Stored items from a collection:
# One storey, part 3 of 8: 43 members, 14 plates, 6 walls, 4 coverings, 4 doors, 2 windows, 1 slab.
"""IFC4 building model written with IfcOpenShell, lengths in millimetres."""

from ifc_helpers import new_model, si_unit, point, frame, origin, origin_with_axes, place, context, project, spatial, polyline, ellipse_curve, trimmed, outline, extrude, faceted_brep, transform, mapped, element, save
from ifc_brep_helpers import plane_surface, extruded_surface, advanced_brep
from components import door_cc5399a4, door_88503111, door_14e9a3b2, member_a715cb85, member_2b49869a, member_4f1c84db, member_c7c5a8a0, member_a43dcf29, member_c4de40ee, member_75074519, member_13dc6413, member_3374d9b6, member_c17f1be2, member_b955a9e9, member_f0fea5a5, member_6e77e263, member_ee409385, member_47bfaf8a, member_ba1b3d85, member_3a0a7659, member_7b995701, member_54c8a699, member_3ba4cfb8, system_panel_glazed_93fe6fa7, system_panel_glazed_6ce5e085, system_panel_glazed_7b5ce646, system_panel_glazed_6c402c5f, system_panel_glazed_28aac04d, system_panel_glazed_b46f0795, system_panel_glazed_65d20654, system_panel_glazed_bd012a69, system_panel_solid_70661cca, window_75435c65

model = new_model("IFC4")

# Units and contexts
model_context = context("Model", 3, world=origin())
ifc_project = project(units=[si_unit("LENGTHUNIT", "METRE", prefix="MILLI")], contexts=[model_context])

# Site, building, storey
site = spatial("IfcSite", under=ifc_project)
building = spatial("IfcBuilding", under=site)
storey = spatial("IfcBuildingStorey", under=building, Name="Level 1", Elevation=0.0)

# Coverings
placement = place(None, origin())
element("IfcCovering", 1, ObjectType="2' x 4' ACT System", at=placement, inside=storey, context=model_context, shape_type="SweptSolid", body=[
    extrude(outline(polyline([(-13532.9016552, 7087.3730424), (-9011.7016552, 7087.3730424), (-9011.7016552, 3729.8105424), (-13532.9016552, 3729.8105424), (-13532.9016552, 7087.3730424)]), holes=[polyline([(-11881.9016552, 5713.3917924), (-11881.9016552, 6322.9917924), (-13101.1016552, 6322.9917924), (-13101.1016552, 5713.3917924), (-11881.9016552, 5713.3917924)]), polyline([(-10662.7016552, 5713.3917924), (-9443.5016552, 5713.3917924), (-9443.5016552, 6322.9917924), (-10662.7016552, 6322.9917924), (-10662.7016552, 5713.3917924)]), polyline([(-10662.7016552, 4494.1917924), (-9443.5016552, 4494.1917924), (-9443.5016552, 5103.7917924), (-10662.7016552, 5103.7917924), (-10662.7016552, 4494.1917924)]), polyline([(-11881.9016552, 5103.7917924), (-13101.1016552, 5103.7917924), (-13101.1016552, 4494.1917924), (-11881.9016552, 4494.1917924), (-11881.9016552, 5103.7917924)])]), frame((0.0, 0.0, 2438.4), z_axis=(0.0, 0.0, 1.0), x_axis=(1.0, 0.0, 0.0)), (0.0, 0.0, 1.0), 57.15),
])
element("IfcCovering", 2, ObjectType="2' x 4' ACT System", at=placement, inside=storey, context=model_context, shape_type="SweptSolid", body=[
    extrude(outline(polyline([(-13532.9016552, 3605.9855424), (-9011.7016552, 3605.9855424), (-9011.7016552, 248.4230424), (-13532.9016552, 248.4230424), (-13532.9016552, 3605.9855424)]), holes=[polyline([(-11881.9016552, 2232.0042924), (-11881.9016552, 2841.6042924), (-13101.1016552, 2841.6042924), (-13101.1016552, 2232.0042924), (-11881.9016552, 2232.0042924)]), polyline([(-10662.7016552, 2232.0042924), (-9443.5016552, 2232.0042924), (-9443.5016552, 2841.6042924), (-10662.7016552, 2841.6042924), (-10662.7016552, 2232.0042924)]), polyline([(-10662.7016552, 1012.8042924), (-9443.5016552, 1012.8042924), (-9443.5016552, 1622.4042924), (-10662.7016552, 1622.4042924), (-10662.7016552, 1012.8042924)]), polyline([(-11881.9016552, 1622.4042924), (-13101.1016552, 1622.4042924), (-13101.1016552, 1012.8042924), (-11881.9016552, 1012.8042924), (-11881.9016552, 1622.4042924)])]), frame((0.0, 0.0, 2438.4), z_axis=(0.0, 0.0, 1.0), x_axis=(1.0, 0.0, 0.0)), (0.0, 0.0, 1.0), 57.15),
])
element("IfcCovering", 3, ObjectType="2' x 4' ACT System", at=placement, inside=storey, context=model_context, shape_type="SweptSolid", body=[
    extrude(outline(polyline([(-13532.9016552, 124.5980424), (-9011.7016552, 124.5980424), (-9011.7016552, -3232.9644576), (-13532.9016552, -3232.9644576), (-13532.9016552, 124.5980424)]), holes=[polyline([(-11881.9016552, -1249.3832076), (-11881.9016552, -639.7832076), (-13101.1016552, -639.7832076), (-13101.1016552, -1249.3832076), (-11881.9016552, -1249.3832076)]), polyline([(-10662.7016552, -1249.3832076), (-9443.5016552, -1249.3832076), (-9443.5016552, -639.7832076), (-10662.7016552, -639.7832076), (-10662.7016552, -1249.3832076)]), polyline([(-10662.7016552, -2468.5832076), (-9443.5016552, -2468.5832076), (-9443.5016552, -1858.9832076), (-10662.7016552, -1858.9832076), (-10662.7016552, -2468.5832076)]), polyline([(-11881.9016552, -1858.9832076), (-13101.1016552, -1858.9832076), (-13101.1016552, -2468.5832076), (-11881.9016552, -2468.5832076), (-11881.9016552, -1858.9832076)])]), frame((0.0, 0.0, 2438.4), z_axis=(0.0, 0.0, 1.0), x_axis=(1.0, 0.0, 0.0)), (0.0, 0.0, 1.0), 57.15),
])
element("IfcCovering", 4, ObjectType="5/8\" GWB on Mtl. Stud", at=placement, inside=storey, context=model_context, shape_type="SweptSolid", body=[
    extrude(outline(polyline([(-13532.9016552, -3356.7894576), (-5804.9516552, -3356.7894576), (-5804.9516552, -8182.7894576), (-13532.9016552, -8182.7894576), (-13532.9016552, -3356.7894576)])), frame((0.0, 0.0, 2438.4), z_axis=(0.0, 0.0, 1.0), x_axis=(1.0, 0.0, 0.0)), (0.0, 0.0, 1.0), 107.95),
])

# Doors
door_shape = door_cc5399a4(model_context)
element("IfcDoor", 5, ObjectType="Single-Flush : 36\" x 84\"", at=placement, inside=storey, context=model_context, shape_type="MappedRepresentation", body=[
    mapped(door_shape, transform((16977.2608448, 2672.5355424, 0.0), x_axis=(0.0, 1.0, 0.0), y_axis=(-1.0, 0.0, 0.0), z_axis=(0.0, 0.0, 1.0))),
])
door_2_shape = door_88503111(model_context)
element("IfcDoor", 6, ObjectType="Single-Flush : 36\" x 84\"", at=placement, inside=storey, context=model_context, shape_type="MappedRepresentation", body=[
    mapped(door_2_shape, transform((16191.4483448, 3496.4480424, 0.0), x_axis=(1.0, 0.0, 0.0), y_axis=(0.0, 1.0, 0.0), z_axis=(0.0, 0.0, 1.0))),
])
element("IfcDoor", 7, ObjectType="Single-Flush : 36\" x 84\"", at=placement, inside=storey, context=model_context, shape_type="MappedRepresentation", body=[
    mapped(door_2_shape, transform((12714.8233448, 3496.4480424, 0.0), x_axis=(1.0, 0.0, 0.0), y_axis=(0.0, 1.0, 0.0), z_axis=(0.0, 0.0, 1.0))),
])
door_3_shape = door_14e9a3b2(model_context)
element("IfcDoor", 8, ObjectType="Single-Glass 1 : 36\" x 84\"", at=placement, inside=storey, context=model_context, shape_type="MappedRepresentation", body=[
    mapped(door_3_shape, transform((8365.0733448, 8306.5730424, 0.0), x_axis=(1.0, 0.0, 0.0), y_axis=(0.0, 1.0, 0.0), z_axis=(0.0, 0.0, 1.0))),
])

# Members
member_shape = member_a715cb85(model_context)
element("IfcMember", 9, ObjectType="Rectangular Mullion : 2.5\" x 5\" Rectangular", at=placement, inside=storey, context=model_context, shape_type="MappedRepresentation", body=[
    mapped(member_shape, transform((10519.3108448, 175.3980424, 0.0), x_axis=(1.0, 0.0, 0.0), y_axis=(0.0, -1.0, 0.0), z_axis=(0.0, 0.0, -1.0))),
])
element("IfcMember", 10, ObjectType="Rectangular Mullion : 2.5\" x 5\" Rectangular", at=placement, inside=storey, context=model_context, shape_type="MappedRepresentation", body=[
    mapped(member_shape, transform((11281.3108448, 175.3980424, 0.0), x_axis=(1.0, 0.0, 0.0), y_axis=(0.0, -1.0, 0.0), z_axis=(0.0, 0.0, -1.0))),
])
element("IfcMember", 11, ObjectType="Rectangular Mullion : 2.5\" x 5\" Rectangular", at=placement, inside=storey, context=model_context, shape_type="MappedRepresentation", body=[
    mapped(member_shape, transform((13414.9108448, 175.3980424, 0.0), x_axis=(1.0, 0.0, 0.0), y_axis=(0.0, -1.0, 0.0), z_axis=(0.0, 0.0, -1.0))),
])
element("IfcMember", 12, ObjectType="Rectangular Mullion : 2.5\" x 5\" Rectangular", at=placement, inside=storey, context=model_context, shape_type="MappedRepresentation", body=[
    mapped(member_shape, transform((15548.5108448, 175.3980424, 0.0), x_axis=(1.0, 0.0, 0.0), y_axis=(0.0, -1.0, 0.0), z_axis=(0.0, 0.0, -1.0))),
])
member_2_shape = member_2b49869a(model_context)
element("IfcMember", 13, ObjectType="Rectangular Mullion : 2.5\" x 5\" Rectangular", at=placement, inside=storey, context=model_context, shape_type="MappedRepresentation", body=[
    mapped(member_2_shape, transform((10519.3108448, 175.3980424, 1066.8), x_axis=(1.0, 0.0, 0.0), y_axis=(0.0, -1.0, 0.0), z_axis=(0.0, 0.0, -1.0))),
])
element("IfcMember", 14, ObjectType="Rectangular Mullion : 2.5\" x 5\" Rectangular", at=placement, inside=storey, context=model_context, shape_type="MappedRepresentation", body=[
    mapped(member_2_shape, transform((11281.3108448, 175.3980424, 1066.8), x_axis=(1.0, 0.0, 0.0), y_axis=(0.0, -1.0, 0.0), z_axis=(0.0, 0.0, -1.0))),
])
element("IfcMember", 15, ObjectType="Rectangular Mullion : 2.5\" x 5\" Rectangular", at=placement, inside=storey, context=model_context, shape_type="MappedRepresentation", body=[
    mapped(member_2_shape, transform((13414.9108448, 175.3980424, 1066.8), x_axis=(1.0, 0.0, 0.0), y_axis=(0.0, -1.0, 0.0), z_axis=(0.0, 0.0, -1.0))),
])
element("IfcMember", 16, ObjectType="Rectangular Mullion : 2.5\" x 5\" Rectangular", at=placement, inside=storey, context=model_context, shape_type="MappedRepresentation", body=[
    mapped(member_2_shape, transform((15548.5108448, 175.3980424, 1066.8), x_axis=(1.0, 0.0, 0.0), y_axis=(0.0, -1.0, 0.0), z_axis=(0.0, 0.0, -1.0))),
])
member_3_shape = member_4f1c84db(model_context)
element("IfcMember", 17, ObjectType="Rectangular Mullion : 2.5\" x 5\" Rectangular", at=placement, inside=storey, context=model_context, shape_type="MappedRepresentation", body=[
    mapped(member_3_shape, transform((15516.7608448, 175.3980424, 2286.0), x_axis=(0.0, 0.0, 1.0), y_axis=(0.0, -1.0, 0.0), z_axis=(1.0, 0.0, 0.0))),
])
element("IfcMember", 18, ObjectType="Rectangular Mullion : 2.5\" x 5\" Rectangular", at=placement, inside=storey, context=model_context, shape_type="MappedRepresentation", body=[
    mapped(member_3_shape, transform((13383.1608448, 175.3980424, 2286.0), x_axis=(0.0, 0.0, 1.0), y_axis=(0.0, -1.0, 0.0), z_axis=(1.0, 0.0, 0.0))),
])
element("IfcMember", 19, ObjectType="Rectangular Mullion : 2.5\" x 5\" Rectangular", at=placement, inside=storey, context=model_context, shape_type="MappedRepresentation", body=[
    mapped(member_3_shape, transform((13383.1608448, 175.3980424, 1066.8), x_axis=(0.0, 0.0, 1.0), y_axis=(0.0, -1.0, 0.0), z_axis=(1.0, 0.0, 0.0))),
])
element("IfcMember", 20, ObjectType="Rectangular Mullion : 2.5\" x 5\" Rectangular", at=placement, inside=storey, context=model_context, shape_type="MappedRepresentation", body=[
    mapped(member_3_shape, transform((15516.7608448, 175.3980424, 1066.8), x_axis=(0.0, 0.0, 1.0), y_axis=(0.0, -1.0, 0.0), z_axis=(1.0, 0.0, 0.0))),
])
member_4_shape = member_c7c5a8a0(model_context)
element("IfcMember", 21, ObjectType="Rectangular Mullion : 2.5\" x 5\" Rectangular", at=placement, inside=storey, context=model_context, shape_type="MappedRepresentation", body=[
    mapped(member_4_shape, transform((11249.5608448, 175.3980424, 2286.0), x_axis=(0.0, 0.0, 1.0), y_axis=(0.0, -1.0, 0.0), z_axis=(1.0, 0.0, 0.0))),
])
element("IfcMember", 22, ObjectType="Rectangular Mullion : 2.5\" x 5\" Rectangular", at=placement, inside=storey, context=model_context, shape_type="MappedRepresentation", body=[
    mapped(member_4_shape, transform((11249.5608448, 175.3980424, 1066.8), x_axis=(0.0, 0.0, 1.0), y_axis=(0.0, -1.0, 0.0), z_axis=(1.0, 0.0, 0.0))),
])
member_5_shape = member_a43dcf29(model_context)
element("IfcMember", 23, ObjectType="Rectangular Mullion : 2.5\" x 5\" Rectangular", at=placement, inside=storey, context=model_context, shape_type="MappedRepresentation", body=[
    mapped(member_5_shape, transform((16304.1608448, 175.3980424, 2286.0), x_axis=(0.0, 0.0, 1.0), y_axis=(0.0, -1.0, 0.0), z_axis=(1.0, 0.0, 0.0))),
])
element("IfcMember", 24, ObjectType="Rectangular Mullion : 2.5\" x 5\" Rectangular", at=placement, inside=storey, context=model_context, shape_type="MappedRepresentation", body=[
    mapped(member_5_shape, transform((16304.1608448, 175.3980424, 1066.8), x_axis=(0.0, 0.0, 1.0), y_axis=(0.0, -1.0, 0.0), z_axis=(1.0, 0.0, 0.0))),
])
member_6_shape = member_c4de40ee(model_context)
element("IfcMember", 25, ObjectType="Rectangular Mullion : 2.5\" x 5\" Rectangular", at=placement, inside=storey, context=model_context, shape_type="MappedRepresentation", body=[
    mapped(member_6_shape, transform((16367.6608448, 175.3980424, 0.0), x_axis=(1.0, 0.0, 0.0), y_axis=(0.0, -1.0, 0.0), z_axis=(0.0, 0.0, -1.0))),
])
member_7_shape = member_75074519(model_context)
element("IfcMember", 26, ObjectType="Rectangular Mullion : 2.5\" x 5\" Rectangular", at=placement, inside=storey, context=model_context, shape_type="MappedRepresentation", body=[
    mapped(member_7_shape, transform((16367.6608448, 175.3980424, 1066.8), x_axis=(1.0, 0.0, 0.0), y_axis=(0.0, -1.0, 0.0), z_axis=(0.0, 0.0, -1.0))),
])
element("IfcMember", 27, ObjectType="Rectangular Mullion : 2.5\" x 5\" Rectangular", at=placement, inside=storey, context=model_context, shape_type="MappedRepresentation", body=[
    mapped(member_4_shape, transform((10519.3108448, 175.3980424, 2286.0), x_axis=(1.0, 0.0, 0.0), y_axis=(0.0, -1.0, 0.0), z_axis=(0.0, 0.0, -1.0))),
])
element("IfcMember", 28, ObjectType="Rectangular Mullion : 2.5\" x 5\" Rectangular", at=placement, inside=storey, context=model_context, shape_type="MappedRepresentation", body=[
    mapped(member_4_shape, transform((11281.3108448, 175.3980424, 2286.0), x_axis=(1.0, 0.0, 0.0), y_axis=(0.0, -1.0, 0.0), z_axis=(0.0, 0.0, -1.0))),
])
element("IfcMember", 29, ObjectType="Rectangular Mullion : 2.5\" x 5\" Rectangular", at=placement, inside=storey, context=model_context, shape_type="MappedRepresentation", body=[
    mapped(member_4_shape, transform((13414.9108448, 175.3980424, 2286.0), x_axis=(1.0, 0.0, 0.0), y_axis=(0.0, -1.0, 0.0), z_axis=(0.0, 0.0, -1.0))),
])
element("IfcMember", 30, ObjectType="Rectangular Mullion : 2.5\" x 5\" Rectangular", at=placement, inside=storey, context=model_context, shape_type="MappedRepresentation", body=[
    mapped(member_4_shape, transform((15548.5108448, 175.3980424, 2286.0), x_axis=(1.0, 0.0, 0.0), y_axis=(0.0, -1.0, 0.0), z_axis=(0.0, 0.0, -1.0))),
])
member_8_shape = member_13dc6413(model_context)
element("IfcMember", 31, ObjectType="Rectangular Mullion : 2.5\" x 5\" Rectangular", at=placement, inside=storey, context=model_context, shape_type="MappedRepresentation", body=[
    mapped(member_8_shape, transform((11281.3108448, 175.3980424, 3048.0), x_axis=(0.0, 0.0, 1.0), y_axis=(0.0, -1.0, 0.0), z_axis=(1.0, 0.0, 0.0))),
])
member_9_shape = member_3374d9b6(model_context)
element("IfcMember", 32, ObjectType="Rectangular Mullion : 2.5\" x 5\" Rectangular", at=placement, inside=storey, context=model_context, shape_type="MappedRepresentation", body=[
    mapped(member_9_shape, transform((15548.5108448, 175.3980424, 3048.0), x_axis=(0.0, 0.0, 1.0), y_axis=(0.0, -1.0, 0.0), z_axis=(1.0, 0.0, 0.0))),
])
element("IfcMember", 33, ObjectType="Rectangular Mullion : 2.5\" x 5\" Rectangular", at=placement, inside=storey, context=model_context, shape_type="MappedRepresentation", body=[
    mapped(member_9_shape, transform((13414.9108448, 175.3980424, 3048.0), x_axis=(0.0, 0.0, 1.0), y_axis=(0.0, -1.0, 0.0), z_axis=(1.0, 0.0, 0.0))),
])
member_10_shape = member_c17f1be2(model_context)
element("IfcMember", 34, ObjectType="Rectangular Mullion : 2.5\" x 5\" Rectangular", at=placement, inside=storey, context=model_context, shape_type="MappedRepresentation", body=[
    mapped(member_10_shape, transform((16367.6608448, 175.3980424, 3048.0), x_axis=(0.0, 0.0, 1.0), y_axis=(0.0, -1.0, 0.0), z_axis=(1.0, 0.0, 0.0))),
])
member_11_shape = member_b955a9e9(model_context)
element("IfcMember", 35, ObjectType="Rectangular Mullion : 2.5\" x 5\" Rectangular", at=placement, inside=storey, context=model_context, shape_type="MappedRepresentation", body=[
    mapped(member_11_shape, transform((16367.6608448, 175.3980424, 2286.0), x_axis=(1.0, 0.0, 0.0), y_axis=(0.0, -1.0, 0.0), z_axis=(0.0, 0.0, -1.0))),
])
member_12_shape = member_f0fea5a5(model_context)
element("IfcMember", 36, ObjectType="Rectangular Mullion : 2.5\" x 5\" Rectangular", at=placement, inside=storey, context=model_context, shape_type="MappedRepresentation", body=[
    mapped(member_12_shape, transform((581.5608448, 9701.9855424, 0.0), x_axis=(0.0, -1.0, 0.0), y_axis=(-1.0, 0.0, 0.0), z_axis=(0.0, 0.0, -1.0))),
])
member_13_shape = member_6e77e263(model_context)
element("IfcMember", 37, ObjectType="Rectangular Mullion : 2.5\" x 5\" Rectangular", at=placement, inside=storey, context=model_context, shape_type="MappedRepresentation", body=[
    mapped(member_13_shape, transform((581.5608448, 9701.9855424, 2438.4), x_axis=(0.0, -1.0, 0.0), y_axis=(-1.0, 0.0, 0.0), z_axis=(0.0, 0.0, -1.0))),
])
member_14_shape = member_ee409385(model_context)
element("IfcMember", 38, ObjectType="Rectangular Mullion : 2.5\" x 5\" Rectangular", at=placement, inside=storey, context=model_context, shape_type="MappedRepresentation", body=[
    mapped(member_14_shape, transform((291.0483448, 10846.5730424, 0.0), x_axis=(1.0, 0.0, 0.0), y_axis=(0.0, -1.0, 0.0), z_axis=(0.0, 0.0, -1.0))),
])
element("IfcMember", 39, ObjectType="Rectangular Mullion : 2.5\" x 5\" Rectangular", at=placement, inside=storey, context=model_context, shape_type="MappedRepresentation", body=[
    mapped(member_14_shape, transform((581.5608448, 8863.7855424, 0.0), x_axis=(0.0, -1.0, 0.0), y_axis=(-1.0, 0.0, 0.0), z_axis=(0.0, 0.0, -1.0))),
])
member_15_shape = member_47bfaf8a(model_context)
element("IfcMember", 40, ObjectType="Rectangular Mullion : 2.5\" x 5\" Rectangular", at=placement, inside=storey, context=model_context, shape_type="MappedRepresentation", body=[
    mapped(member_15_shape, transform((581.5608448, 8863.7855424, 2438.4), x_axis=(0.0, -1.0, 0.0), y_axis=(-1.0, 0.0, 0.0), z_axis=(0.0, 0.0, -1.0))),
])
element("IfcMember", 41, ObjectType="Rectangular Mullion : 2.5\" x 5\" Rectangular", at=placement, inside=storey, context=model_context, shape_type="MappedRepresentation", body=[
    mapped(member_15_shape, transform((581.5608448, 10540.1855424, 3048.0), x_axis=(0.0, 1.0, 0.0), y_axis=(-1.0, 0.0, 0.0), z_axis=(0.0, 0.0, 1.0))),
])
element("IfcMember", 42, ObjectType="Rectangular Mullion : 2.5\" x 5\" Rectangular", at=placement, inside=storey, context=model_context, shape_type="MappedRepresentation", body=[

WHAT TO PRODUCE: Could you find every line in the records above that contains the word "SweptSolid" and copy it?

ANSWER AREA:
element("IfcCovering", 1, ObjectType="2' x 4' ACT System", at=placement, inside=storey, context=model_context, shape_type="SweptSolid", body=[
element("IfcCovering", 2, ObjectType="2' x 4' ACT System", at=placement, inside=storey, context=model_context, shape_type="SweptSolid", body=[
element("IfcCovering", 3, ObjectType="2' x 4' ACT System", at=placement, inside=storey, context=model_context, shape_type="SweptSolid", body=[
element("IfcCovering", 4, ObjectType="5/8\" GWB on Mtl. Stud", at=placement, inside=storey, context=model_context, shape_type="SweptSolid", body=[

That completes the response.